Multiple shards per chromosome

As we mentioned earlier, sharding can be done at a more fine grained level and does not have to be limited to chromosomes. For example, the following config defines two shards that contain variants of chromosome X:

-  output_table:
     table_name_suffix: "chrX_first_100M"
     regions:
       - "chrX:0-100,000,000"
     partition_range_end: 100,000,000
-  output_table:
     table_name_suffix: "chrX_remaining"
     regions:
       - "chrX:100,000,000-999,999,999"
     partition_range_end: 156,030,808

If the start position of a variant on chromosome X is less than 100,000,000 then it will be assigned to chrX_first_100M table, otherwise it will be assigned to chrX_remaining table.

Residual Shard

All shards defined in a config file follow the same principle: variants will be assigned to them based on their defined regions. The only exception is the residual shard, which acts as the default shard: all variants not assigned to any shard will end up in this shard.

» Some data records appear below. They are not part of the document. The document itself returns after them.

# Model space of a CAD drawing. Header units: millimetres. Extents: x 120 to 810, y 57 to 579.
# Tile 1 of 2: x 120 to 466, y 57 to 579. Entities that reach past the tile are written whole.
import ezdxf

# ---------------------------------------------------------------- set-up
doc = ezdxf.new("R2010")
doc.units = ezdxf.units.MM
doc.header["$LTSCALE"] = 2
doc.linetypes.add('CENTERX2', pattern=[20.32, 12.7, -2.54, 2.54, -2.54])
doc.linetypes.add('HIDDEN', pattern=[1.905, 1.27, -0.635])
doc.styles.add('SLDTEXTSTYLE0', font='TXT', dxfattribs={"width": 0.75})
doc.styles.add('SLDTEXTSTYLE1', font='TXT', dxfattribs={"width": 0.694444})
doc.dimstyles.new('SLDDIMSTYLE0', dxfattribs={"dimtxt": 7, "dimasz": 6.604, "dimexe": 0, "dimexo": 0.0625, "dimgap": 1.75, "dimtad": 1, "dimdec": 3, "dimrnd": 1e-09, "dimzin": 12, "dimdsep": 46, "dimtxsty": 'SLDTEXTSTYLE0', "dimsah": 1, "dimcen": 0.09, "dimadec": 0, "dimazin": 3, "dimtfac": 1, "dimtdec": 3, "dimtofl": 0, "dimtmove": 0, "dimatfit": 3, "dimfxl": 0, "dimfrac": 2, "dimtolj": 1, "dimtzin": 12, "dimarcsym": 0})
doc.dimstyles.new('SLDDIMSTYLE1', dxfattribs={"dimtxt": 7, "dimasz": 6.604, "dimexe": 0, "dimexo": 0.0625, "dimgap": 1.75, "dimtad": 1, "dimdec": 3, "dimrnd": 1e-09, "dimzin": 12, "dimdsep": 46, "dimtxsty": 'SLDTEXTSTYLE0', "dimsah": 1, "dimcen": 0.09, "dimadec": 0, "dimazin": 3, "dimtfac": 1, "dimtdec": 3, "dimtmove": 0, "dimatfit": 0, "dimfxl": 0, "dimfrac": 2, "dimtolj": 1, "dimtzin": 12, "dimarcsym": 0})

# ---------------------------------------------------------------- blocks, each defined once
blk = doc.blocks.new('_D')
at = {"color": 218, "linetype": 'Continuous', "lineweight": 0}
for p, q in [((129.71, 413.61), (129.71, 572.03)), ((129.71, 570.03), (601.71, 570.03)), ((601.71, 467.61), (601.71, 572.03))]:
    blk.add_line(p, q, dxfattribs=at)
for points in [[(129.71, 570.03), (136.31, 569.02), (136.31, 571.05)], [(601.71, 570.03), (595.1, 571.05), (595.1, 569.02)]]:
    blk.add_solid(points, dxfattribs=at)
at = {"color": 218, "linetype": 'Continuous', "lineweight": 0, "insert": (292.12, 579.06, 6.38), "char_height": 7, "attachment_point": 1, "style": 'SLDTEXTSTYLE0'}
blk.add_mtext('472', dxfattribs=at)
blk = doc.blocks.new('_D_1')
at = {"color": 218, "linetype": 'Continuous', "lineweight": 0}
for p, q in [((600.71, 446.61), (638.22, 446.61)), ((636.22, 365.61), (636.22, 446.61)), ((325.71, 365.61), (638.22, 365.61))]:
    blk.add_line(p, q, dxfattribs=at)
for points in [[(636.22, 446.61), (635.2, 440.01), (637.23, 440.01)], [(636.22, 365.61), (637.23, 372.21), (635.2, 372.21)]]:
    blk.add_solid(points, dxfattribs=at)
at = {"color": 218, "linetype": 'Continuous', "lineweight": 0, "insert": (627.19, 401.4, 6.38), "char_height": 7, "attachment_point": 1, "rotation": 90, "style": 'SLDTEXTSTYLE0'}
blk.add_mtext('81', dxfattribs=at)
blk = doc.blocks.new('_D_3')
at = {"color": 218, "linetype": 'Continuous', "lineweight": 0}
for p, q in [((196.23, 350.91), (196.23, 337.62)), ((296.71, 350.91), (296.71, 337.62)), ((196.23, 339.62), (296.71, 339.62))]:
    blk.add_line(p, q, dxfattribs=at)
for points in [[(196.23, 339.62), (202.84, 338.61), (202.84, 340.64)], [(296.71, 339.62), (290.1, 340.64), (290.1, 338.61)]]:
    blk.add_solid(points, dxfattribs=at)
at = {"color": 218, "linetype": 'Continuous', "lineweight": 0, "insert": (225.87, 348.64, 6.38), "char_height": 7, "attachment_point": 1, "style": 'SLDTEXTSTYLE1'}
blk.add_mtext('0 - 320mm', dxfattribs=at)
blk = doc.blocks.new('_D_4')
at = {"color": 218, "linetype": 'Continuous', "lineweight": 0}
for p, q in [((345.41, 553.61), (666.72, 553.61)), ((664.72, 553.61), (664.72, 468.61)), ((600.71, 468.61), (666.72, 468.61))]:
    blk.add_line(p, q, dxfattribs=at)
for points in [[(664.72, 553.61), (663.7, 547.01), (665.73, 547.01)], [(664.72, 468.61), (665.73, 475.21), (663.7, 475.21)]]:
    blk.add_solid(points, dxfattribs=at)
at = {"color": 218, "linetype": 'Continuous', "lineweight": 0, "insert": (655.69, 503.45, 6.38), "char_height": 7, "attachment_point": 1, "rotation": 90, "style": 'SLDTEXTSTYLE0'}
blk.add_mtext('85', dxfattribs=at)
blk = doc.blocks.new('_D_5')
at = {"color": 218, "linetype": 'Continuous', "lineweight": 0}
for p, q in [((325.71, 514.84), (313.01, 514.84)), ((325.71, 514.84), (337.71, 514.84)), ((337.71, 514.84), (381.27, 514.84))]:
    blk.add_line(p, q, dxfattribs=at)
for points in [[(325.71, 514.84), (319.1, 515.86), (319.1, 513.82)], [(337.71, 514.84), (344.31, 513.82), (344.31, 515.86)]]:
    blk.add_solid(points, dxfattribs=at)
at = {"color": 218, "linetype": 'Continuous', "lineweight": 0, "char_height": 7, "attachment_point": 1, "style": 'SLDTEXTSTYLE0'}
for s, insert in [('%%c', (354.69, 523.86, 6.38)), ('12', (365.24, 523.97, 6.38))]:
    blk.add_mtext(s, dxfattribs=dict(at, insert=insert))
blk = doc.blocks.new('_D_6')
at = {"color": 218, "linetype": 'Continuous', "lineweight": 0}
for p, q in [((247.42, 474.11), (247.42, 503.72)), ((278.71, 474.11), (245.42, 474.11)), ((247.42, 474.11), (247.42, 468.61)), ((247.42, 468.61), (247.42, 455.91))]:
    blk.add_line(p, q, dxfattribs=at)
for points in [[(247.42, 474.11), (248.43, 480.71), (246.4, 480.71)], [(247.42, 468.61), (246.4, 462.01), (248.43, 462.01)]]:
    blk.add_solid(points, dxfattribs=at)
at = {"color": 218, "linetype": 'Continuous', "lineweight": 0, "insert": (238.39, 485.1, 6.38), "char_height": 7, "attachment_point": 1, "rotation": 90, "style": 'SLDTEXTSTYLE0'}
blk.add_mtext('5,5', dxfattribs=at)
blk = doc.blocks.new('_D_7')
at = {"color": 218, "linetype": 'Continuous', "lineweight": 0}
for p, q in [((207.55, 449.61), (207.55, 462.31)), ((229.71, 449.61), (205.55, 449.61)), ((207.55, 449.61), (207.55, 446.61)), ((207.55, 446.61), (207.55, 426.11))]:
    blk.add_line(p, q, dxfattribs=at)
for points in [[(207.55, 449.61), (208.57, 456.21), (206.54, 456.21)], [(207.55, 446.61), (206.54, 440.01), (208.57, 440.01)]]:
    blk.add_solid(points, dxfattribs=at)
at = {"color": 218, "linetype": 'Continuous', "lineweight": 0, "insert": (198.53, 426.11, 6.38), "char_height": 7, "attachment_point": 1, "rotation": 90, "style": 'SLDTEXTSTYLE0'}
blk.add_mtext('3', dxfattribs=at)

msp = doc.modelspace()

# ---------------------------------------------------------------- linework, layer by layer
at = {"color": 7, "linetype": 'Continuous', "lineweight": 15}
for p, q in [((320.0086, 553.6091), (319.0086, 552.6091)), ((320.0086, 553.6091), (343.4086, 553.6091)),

For example, consider the following config file:

-  output_table:
     table_name_suffix: "first_50M"
     regions:
       - "chr1:0-50,000,000"
       - "chr2:0-50,000,000"
       - "chr3:0-50,000,000"
     partition_range_end: 50,000,000
-  output_table:
     table_name_suffix: "second_50M"
     regions:
       - "chr1:50,000,000-100,000,000"
       - "chr2:50,000,000-100,000,000"
       - "chr3:50,000,000-100,000,000"
     partition_range_end: 100,000,000
-  output_table:
     table_name_suffix: "all_remaining"
     regions:
       - "residual"

This config file splits all the variants into 3 tables:

  • first_50M: all variants of chr1, chr2, and chr3 whose start_position is < 50M
  • second_50M: all variants of chr1, chr2, and chr3 whose start_position is >= 50M and < 100M
  • all_remaining: all remaining variants. This includes:
    • All variants of chr1, chr2, and chr3 with start position >= 100M
    • All variants of other chromosomes.

Using the residual shard, you can make sure your output tables will include all input variants. However, if you don't need the residual variants, then you can simply remove the last shard from your config file. If you removed the last shard from the previous example, then you would have only 2 tables as output, and variants that do not match either of those two shards would be dropped from the final output.

This feature can be used more broadly for filtering out unwanted variants from the output tables. Filtering reduces the cost of running Variant Transforms.